SpatialBench Configuration

SpatialBench configuration allows you to customize spatial data generation for your benchmark workloads. The spatial geometry generation is powered by the Spider module, which creates Points, Boxes, and Polygons using deterministic random distributions.

Spider is designed for benchmark reproducibility:

  • Generates millions of geometries per second.
  • Uses seeds for deterministic output.

Reference: SpiderWeb: A Spatial Data Generator on the Web by Katiyar et al., SIGSPATIAL 2020.
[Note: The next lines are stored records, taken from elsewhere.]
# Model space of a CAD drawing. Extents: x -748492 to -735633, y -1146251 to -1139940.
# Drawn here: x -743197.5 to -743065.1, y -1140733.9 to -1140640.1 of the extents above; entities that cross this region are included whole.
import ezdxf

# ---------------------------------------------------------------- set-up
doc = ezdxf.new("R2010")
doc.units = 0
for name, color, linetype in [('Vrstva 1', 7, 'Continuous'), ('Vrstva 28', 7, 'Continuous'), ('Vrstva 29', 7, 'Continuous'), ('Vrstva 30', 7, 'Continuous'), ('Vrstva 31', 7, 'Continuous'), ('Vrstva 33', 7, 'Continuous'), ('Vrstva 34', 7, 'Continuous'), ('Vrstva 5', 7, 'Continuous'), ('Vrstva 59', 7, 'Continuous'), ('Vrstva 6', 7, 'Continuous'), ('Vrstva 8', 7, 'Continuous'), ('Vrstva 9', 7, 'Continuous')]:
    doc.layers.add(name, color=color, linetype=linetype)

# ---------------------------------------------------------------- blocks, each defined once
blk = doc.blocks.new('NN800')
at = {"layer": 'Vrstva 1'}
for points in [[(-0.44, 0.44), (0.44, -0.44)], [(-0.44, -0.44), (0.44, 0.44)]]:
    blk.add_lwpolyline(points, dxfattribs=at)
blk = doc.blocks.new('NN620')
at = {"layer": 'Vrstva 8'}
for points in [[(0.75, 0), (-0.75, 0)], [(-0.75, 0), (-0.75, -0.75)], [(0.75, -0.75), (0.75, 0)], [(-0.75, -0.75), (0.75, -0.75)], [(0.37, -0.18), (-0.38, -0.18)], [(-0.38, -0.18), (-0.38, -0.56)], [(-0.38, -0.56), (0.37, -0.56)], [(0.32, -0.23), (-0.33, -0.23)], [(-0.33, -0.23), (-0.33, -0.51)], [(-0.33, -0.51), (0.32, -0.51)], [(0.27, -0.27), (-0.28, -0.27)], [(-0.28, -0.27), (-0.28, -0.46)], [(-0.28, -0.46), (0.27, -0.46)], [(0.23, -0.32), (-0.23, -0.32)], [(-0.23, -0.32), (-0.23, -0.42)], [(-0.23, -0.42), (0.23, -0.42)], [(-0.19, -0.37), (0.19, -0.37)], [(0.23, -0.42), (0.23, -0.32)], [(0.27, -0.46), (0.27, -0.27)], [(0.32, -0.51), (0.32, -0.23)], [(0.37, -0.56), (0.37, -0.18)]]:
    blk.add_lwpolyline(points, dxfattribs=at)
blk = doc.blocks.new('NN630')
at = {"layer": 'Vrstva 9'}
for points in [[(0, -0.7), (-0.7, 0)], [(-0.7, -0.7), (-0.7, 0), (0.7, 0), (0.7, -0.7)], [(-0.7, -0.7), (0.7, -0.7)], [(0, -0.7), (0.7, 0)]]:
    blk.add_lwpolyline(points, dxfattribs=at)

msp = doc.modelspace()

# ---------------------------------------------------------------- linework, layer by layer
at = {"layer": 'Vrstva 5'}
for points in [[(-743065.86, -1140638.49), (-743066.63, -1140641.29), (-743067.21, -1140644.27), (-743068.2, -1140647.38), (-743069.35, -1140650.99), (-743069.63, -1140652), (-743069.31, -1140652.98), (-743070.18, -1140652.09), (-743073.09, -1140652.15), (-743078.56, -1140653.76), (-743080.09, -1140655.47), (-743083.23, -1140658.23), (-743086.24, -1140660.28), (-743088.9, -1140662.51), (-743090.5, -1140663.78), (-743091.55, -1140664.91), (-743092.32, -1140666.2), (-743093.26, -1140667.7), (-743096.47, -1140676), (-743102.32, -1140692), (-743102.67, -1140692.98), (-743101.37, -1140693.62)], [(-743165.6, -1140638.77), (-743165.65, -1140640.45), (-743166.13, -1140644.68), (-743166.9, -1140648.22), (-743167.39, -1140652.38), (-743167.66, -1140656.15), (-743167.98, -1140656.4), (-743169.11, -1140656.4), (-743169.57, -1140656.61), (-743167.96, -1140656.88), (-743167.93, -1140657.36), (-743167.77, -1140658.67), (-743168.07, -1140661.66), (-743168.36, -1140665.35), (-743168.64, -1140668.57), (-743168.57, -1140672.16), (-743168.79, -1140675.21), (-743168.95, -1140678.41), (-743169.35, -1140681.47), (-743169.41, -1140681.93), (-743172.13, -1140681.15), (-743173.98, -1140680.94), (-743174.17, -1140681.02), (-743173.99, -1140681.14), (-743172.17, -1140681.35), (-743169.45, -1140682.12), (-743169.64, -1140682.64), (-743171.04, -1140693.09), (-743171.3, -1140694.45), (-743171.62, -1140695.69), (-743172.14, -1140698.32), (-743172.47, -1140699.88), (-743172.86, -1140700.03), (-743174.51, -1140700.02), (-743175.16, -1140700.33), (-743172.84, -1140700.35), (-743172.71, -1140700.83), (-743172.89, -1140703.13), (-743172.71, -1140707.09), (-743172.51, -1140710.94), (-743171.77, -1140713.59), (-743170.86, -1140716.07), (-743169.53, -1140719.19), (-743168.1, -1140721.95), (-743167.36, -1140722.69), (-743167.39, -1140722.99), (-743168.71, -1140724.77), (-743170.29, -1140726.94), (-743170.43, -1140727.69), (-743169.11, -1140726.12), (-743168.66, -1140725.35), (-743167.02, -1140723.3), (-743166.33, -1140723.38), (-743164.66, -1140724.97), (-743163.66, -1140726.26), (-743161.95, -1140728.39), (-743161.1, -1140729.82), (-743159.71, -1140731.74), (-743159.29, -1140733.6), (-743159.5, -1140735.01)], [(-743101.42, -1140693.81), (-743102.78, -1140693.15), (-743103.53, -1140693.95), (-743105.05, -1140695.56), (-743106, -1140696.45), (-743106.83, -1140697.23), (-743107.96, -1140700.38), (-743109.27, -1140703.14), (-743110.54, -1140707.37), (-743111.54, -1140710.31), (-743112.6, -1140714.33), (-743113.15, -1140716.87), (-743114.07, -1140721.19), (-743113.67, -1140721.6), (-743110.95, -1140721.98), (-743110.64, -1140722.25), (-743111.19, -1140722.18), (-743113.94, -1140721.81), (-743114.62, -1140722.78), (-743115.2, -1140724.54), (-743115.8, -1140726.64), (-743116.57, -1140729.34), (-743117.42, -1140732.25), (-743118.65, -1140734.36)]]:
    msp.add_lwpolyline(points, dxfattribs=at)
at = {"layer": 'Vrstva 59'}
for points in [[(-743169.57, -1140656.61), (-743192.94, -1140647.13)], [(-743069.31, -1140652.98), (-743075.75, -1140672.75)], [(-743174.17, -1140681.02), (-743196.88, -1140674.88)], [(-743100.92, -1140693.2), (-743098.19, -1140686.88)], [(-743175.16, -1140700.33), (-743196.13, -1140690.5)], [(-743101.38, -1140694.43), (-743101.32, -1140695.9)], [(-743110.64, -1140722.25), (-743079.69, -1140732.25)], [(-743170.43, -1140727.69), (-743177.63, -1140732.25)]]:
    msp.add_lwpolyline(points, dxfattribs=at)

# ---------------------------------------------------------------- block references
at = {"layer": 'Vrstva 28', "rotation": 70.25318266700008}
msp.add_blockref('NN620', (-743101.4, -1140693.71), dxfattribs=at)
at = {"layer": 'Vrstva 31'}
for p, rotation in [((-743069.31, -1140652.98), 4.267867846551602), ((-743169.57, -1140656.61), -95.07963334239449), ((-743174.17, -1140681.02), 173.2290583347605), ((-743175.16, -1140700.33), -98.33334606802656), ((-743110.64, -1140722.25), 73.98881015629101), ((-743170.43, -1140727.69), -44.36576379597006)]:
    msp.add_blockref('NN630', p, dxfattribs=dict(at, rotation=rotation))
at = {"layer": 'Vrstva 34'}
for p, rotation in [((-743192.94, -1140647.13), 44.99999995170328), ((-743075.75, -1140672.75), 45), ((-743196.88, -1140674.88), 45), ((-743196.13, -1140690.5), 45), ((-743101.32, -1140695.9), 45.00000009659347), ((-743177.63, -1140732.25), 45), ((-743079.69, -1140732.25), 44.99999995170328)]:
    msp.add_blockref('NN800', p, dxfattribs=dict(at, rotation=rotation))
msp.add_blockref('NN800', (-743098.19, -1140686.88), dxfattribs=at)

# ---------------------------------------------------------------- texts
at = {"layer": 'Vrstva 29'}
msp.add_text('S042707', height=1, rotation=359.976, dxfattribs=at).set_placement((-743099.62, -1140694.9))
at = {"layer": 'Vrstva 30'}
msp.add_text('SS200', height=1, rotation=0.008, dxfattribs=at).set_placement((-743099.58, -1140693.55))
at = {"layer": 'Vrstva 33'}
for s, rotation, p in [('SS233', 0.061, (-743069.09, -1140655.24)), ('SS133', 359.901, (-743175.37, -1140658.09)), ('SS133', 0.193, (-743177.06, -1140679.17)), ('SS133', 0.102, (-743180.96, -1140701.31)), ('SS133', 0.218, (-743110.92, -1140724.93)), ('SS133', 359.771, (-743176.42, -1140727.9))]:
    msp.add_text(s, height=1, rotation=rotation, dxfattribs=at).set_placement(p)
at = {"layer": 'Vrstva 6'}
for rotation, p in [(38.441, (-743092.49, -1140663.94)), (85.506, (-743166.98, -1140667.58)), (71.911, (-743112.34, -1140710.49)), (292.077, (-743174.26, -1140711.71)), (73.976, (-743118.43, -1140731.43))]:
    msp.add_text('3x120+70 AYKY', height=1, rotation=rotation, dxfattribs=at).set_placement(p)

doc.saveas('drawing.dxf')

Supported Distribution Types

TypeDescriptionImplementation Details
UNIFORMUniformly distributed points in [0,1]²Uses rand_unit() to generate independent random X and Y coordinates. Each coordinate is a uniform random value between 0.0 and 1.0.
NORMAL2D Gaussian distribution with configurable mu and sigmaUses Box-Muller transform to generate normal distributions. Both X and Y coordinates use the same mu and sigma parameters. Values are clamped to [0,1]².
DIAGONALPoints clustered along a diagonalWith probability percentage, generates points exactly on y=x diagonal. Otherwise, generates points with normal noise around the diagonal using buffer as standard deviation.
BITPoints in a grid with 2^digits resolutionUses recursive binary subdivision. Each bit position has probability chance of being set. Creates a deterministic grid pattern with resolution 2^digits × 2^digits.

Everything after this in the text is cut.